Show strategic equilibrium and reliability telemetry.

2. Inject Shock

Trigger renewable collapse or contingency.

Show stress emergence.

3. Safety Shield Intervention

Demonstrate physics-corrected behavior.

4. Baseline vs Trained Agent

Show measurable improvement.

The objective is not only to show the environment runs.

It is to show learning.


Why This Matters

This environment studies a broader question:

Can intelligent agents learn strategic behavior under economic incentives while respecting hard safety constraints?

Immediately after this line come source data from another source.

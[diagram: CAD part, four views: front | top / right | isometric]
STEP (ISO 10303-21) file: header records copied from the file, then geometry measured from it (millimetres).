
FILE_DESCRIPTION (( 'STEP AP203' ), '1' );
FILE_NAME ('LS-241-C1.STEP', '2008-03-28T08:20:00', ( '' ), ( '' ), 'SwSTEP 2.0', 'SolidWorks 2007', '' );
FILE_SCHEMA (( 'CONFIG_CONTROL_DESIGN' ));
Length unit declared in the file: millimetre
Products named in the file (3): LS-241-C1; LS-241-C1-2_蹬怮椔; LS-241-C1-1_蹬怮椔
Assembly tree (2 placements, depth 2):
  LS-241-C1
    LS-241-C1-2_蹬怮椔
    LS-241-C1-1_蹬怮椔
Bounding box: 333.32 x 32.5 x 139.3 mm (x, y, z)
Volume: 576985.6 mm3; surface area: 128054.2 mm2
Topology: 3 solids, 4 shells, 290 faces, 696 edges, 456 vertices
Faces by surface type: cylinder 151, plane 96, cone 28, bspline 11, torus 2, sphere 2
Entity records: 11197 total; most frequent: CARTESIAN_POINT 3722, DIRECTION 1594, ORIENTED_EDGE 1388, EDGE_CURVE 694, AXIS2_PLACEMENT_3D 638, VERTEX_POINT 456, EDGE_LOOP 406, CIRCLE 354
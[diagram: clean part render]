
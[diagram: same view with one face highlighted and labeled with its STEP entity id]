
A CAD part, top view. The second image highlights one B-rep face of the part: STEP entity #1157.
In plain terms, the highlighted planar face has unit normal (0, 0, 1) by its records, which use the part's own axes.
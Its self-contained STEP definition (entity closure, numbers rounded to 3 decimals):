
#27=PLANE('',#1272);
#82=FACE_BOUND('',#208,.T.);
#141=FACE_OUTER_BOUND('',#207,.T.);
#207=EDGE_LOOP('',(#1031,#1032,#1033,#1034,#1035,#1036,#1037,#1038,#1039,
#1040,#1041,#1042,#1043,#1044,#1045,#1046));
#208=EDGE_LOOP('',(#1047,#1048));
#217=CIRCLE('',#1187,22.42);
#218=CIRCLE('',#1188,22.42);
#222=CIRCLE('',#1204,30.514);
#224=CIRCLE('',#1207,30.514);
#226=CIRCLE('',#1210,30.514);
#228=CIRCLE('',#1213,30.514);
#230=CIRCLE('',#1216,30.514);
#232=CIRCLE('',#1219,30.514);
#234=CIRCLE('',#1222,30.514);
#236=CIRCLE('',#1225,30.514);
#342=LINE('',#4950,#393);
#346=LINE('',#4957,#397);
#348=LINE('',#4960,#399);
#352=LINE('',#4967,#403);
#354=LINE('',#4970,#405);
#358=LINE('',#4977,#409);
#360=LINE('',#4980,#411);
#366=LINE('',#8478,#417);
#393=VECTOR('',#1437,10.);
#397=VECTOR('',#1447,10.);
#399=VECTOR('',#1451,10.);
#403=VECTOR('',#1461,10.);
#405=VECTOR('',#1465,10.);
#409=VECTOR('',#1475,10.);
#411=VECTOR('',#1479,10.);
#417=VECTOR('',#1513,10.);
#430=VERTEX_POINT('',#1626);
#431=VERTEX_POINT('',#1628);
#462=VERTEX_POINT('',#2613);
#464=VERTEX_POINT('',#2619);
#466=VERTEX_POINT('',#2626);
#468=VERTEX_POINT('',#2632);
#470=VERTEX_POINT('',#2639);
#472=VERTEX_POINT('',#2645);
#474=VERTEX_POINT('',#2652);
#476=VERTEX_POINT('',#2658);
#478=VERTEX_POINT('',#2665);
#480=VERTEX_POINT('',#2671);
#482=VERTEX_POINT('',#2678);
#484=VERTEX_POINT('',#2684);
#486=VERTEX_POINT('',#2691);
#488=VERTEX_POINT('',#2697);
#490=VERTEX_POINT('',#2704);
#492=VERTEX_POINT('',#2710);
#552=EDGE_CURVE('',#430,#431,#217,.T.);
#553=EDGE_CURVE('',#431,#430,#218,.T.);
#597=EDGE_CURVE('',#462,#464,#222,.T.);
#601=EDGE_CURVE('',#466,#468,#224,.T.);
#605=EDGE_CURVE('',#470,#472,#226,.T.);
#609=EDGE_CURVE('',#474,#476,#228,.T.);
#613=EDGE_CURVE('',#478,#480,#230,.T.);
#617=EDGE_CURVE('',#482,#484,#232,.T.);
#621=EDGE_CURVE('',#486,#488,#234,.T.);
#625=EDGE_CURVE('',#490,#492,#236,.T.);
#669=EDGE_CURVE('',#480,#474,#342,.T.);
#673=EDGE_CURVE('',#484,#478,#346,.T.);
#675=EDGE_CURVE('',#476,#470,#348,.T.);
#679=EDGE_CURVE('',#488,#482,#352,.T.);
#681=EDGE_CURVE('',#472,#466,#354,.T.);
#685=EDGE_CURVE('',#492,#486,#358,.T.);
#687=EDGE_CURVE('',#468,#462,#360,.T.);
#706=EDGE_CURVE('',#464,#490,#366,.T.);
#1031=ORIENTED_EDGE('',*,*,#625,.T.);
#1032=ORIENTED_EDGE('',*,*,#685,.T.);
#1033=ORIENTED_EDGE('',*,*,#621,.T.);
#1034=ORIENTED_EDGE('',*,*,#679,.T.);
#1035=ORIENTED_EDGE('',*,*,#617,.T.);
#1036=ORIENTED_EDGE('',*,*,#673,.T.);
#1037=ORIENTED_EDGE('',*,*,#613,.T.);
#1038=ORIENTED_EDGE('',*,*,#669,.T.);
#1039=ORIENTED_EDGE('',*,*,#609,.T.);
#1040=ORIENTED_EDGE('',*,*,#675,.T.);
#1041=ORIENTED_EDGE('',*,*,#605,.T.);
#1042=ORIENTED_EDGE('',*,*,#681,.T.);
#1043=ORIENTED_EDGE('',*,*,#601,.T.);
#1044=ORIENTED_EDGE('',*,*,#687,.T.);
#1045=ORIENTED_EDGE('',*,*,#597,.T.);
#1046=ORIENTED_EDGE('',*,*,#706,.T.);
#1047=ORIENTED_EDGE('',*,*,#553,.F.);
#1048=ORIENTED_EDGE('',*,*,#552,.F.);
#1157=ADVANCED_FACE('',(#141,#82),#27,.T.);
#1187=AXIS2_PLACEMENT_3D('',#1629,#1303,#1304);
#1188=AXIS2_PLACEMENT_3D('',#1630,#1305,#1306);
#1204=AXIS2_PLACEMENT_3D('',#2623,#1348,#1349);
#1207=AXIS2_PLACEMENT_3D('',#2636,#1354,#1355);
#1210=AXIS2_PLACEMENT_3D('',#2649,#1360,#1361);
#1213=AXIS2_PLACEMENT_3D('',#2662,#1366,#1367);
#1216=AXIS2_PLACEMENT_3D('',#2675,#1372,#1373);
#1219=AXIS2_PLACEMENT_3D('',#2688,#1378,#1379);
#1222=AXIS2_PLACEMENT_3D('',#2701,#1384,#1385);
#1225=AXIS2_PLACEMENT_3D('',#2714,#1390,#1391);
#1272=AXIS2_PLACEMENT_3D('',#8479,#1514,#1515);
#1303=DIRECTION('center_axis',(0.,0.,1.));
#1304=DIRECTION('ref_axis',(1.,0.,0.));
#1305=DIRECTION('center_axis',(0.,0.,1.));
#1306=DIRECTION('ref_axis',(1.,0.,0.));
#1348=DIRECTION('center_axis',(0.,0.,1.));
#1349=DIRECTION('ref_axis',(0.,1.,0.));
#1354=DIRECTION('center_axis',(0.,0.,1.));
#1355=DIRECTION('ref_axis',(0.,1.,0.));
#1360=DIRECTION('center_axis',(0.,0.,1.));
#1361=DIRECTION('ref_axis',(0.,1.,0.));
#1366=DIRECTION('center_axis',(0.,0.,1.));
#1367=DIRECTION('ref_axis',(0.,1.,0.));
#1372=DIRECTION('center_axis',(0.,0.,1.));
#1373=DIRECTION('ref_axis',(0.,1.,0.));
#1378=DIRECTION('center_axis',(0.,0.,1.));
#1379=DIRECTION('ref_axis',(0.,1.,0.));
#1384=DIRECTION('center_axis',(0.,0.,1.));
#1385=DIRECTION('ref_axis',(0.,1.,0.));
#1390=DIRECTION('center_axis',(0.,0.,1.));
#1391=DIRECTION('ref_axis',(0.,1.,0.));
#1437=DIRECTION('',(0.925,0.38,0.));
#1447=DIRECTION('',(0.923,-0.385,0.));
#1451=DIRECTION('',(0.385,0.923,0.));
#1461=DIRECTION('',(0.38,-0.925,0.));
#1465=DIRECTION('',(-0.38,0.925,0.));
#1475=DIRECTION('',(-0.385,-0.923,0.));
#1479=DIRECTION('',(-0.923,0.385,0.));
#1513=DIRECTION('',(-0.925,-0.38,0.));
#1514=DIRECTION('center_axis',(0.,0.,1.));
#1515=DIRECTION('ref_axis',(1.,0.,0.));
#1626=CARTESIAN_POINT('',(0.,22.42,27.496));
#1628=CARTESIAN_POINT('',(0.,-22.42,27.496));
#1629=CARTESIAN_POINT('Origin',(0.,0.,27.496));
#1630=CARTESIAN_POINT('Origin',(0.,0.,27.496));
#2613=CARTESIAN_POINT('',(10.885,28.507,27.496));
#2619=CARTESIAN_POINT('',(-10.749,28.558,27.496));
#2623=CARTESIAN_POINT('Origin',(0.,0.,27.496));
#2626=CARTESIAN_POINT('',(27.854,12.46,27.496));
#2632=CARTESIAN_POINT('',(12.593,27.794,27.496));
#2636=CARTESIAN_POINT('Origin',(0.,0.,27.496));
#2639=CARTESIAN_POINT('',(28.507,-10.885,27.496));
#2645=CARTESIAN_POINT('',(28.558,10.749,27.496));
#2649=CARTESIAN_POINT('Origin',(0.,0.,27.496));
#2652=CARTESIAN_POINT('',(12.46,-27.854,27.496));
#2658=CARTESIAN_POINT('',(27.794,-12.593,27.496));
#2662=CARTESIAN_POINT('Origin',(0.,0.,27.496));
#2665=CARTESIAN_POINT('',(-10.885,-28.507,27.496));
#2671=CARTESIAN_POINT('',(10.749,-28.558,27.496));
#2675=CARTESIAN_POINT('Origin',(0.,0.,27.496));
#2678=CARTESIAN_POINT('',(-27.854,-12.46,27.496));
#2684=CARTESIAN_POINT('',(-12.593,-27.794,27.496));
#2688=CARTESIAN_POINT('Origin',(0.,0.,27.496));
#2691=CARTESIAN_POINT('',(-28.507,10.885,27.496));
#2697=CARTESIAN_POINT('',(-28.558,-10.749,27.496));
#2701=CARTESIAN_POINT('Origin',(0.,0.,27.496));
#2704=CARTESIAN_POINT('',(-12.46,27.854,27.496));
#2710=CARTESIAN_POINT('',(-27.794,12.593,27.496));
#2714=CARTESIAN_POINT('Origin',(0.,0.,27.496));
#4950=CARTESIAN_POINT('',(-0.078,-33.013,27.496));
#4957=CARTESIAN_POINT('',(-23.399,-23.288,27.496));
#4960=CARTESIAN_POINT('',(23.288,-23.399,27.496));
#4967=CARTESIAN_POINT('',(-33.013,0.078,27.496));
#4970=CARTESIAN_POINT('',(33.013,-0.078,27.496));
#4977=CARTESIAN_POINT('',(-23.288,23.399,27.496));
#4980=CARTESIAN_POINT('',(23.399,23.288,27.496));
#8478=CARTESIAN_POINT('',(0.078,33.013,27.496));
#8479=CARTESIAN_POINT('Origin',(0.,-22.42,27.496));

Power systems are the domain. Reliability-aware intelligence is the larger problem.

Potential applications:

  • Smart-grid autonomy
  • Infrastructure agents
  • Safe multi-agent RL
  • Cyber-physical agent training
  • Reliability-constrained autonomous systems

Repository Layout

main.py
openenv.yaml
smartgrid_mas/
 ├── env.py
 ├── tasks.py
 ├── models.py
 ├── engine/
 │    ├── market.py
 │    ├── control.py
 │    ├── ldu.py
 │    ├── reward.py
 │    └── dynamics.py
tests/
artifacts/

Quick Start

Install

python -m venv .venv
source .venv/bin/activate
pip install -e .

Start Server

python main.py

Default endpoints:


Run Example

Reset environment:

curl -X POST http://localhost:7860/reset \
-H "Content-Type: application/json" \
-d '{"task_id":"stress_shock","seed":42}'

Run deterministic demo:

curl -X POST http://localhost:7860/run-demo-mode

Run resilience comparison:

curl -X POST http://localhost:7860/run-resilience-demo

Training & Benchmarking

Generate deterministic artifacts:

generate-demo-artifacts

Run resilience benchmark:

train-baseline

Run tests:

pytest -q

OpenEnv Compliance

Includes:

  • OpenEnv-compatible environment interface
  • reset / step / state API
  • openenv.yaml metadata
  • Hosted Space deployment
  • RL training integration support
  • Reproducible benchmark artifacts

Research Framing

This project can be viewed as a benchmark for:

  • Safety-shielded RL
  • Reliability-aware multi-agent intelligence
  • Strategic infrastructure world modeling
  • Reward-hacking resistant environment design

It is not merely a simulator.

It is a trainable environment for studying resilient intelligence.


Citation / If Using This Environment

If this environment contributes to research or experimentation, please cite the repository and benchmark artifacts.


Closing Thought

Most reinforcement learning environments teach agents how to optimize.

This environment asks whether agents can learn how to preserve critical systems under uncertainty.

That is the benchmark. That is the experiment. That is OpenEnv SmartGrid MarketSim.